====== Data for this task ======

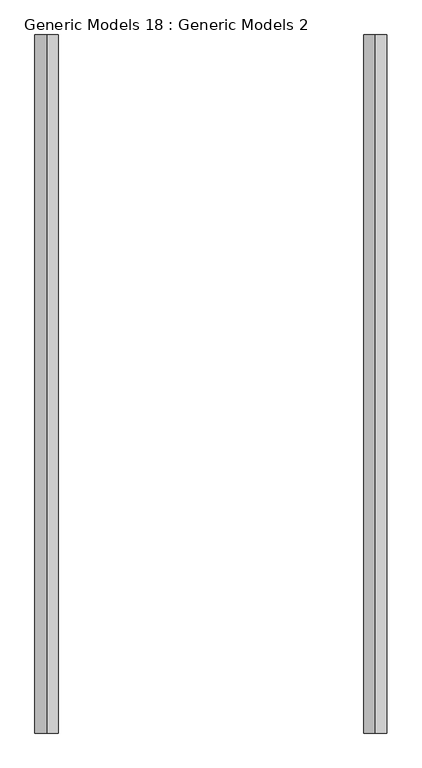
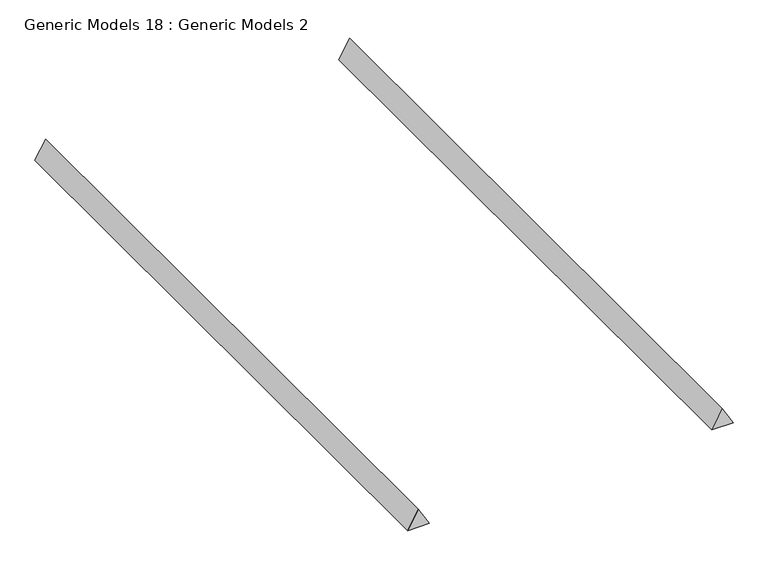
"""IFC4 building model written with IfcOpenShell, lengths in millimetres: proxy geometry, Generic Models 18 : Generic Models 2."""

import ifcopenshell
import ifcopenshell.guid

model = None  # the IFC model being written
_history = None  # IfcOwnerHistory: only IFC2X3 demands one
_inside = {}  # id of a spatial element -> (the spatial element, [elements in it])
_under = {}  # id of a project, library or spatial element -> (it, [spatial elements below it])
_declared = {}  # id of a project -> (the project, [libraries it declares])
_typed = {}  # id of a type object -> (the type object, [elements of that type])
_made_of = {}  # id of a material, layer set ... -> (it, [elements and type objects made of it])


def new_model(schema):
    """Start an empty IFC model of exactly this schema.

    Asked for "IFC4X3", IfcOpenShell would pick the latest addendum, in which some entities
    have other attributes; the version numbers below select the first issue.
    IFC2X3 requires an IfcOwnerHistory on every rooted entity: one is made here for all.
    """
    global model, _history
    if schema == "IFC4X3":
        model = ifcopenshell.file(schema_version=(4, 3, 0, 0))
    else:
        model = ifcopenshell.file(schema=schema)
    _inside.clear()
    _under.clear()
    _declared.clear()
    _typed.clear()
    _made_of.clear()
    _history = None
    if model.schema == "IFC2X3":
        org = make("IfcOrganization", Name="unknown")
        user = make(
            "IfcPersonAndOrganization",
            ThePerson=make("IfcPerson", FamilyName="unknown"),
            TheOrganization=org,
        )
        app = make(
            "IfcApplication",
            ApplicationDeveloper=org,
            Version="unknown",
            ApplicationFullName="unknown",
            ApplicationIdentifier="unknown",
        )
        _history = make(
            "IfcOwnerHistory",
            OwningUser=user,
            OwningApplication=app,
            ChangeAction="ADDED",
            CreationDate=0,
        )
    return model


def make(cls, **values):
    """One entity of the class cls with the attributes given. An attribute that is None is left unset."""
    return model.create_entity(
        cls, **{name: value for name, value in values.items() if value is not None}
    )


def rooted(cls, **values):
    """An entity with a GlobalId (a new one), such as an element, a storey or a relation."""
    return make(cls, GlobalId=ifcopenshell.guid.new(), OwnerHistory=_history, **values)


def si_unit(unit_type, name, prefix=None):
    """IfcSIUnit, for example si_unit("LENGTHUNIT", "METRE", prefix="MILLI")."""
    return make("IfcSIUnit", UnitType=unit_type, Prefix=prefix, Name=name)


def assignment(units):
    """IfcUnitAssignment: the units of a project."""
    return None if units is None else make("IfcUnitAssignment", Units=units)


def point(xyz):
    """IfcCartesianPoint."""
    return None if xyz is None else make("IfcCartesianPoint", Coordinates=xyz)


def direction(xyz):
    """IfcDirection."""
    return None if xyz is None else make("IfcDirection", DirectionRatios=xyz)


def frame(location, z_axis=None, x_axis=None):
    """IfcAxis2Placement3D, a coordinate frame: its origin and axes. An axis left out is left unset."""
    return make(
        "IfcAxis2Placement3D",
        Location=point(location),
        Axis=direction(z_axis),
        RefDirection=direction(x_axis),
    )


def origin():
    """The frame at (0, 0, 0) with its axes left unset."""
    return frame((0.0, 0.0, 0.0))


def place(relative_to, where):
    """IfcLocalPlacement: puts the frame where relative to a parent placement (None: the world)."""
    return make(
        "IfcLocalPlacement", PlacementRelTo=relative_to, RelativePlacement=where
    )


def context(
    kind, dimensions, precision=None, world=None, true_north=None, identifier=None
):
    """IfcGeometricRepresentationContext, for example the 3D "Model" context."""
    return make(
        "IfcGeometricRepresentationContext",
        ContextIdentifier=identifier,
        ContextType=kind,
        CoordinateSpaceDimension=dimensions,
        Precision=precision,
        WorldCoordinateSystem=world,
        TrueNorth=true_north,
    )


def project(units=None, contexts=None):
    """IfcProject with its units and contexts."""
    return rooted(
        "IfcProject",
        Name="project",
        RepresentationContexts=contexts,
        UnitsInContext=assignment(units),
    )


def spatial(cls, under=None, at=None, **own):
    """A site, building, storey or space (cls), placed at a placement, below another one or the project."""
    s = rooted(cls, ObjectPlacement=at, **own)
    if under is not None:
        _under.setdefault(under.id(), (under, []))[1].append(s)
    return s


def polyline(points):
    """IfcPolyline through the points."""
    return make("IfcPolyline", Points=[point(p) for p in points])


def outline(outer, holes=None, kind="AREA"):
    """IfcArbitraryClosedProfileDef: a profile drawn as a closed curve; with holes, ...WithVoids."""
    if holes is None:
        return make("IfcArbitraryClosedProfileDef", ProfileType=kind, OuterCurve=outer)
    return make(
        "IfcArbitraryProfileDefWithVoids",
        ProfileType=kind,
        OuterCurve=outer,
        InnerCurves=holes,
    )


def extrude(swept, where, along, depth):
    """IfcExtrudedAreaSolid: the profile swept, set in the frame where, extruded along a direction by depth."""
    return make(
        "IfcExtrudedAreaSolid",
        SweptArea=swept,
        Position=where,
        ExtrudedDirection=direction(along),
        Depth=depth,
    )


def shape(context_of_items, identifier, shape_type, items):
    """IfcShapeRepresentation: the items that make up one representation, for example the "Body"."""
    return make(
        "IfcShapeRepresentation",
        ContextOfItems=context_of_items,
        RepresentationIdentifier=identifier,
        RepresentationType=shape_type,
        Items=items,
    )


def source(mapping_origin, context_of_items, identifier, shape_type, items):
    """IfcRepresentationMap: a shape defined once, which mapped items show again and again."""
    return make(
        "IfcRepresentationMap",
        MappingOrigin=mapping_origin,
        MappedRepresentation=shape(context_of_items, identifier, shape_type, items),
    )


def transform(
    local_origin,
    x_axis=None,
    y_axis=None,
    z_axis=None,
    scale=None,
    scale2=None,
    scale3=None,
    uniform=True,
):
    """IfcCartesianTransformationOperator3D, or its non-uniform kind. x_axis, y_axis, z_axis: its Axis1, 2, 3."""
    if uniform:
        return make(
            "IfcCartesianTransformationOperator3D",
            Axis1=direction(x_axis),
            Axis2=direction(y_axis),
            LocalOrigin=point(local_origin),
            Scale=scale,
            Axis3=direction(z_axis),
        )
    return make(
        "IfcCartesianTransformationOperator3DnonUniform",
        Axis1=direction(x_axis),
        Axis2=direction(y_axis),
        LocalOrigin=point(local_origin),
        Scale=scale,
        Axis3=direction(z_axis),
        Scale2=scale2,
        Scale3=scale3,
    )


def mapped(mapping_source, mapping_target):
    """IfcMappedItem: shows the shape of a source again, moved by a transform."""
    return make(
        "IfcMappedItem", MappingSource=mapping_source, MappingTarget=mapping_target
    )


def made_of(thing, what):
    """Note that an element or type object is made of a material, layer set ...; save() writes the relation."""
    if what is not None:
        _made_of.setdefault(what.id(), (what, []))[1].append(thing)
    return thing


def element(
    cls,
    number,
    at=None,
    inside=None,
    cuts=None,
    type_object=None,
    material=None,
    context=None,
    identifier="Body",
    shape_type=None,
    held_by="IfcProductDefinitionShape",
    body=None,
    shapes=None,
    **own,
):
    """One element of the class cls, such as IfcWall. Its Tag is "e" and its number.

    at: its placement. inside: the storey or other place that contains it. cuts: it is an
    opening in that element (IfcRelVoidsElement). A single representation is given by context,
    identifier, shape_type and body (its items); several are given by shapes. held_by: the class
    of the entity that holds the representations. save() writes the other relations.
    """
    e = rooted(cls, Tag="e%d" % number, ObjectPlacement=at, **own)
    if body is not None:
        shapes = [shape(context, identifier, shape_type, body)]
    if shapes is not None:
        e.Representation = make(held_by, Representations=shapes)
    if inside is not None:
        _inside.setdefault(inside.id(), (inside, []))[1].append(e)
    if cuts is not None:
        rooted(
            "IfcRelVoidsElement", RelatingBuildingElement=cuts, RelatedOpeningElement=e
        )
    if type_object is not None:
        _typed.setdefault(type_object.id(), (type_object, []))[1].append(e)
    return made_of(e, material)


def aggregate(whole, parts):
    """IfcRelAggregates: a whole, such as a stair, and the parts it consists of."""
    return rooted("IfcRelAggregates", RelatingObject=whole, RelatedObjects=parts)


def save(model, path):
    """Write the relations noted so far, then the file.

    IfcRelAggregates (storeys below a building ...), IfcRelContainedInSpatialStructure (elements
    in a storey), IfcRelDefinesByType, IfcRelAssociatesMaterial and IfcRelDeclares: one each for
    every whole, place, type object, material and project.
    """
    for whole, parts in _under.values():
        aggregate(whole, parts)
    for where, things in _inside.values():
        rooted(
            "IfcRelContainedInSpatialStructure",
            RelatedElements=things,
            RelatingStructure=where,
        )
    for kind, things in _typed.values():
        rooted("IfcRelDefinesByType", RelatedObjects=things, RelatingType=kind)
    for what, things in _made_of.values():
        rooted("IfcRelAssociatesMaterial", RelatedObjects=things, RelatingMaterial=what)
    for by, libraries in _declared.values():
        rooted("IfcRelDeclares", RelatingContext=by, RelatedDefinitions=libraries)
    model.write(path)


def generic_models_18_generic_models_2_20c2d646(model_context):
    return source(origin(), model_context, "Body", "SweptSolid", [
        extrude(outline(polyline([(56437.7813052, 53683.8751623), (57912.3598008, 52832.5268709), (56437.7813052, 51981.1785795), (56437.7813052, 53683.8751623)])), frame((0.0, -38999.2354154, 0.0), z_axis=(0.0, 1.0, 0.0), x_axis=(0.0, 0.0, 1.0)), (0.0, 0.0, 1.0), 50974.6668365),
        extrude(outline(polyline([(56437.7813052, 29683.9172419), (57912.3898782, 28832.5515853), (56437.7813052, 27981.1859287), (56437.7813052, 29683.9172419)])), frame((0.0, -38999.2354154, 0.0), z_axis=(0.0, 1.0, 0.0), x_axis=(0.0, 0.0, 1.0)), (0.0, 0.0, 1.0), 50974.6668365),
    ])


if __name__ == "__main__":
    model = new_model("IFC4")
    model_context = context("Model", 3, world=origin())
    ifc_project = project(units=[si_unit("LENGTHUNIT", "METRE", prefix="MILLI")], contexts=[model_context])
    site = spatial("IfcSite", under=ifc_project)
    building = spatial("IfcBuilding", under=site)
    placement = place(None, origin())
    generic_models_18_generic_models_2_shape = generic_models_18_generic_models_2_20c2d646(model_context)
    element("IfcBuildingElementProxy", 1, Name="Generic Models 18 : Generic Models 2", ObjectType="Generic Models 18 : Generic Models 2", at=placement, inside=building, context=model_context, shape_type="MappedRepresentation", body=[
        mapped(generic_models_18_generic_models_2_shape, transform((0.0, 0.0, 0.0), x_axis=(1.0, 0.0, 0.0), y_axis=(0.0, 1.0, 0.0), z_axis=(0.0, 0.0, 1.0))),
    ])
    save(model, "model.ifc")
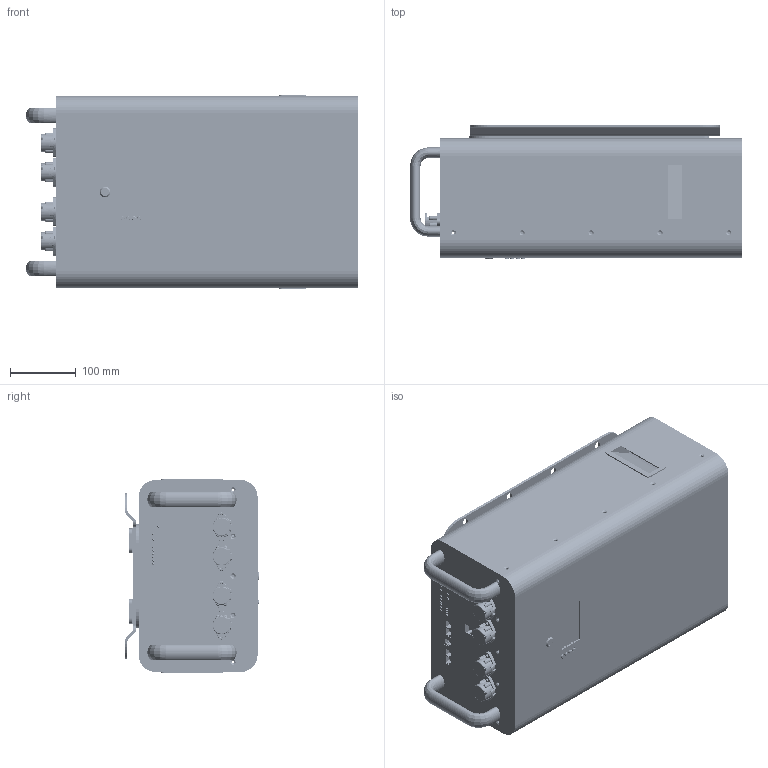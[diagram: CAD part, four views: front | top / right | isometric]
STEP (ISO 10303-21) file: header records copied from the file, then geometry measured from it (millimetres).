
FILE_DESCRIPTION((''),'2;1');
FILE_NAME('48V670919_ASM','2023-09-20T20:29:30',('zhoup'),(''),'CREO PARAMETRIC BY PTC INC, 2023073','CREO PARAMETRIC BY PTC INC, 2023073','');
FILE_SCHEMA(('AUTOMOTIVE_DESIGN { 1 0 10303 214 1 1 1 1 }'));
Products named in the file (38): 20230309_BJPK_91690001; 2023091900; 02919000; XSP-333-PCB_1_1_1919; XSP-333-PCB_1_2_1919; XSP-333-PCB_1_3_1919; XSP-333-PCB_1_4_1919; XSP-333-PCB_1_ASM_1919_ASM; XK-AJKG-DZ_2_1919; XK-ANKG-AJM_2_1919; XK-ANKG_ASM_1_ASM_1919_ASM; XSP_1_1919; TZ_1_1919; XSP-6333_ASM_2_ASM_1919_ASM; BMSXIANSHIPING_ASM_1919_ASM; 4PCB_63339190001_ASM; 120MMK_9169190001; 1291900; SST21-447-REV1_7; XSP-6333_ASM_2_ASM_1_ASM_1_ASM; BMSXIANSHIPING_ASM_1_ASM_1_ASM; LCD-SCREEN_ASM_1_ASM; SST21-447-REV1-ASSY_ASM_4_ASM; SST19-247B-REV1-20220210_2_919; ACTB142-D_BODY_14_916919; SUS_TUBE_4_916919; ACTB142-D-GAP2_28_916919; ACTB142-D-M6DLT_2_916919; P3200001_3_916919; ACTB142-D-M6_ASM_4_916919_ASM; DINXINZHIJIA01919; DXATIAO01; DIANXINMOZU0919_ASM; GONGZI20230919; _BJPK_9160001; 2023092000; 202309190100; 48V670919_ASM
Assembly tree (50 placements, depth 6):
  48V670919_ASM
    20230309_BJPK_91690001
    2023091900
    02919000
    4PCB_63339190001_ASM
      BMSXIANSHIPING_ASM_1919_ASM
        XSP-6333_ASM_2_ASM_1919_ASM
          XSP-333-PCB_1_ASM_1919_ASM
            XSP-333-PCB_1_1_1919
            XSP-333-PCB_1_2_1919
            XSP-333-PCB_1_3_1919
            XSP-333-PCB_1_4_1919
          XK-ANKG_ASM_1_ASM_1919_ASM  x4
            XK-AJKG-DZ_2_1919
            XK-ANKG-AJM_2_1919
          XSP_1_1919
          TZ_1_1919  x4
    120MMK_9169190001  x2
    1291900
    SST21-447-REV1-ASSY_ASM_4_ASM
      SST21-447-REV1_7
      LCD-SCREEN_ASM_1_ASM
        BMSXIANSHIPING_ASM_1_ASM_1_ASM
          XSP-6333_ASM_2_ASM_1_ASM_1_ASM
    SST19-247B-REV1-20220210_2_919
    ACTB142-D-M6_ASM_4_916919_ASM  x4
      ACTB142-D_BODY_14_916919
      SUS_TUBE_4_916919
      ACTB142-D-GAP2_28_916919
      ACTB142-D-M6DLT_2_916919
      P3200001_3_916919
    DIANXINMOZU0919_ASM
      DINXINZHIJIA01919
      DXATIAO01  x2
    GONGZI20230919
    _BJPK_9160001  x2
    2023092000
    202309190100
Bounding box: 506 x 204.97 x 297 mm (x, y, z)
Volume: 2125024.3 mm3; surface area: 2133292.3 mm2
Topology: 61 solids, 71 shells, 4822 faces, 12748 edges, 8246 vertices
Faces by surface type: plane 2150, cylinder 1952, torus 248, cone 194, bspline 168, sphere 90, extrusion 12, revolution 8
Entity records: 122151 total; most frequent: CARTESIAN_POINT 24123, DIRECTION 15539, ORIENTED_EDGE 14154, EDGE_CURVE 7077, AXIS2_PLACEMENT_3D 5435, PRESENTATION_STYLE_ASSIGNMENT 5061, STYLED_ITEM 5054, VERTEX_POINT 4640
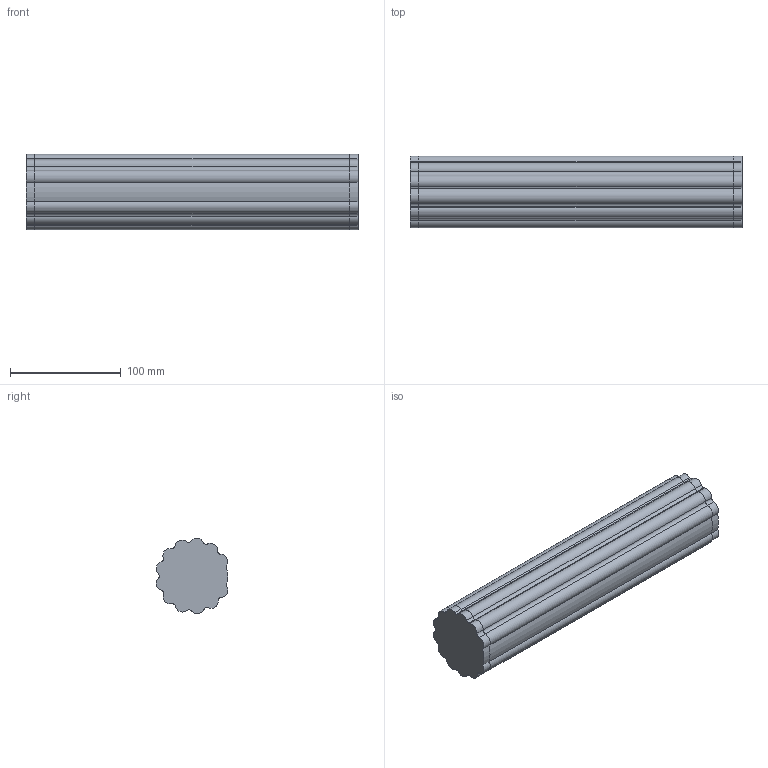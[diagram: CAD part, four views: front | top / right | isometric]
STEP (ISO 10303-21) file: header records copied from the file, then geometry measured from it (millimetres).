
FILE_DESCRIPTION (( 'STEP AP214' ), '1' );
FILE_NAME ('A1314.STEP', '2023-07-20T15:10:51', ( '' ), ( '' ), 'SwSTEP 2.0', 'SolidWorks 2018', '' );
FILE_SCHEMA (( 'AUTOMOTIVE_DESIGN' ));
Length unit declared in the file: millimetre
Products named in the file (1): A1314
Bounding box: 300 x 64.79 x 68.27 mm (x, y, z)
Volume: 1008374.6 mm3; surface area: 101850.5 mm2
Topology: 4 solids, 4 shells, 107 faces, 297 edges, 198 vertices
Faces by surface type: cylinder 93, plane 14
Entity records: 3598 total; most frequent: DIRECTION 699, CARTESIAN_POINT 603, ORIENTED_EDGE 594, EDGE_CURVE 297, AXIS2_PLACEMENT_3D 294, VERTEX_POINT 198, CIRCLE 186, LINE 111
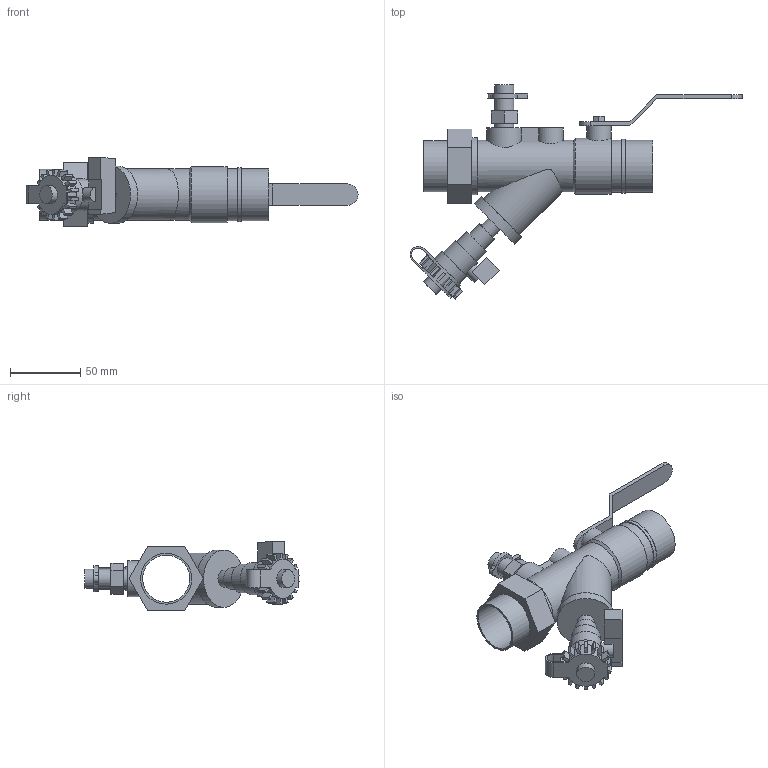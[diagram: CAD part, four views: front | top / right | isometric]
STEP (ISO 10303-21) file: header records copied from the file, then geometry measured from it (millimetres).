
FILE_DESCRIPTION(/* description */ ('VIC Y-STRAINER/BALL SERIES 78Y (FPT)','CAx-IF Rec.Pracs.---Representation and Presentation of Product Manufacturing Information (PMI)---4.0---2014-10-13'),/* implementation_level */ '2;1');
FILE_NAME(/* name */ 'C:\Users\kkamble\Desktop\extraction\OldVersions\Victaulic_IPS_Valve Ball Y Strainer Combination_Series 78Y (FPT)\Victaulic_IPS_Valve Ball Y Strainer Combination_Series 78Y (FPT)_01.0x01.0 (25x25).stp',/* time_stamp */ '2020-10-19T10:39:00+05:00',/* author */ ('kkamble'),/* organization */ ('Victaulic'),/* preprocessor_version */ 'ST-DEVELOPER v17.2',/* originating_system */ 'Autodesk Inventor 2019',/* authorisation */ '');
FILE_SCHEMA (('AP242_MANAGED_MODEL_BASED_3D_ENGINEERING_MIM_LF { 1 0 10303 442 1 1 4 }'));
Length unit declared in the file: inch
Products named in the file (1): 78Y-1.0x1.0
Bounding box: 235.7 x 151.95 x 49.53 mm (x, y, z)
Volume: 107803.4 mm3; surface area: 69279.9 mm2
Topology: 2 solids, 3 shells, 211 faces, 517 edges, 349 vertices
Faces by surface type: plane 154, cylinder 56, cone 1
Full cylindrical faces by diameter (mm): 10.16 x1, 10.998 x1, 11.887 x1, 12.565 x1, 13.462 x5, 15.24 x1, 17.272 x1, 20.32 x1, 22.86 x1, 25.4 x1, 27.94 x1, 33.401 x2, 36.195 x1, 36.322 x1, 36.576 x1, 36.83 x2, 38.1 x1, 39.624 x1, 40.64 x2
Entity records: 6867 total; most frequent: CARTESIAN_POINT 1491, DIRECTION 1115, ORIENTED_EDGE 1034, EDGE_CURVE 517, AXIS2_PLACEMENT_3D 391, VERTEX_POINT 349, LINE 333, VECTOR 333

======

Work order:
Write out exactly the lines above from the line with "identifier, shape_type and" through the line with "if shapes is", both of them included, and leave out all other lines.

Exercise answer:
    identifier, shape_type and body (its items); several are given by shapes. held_by: the class
    of the entity that holds the representations. save() writes the other relations.
    """
    e = rooted(cls, Tag="e%d" % number, ObjectPlacement=at, **own)
    if body is not None:
        shapes = [shape(context, identifier, shape_type, body)]
    if shapes is not None:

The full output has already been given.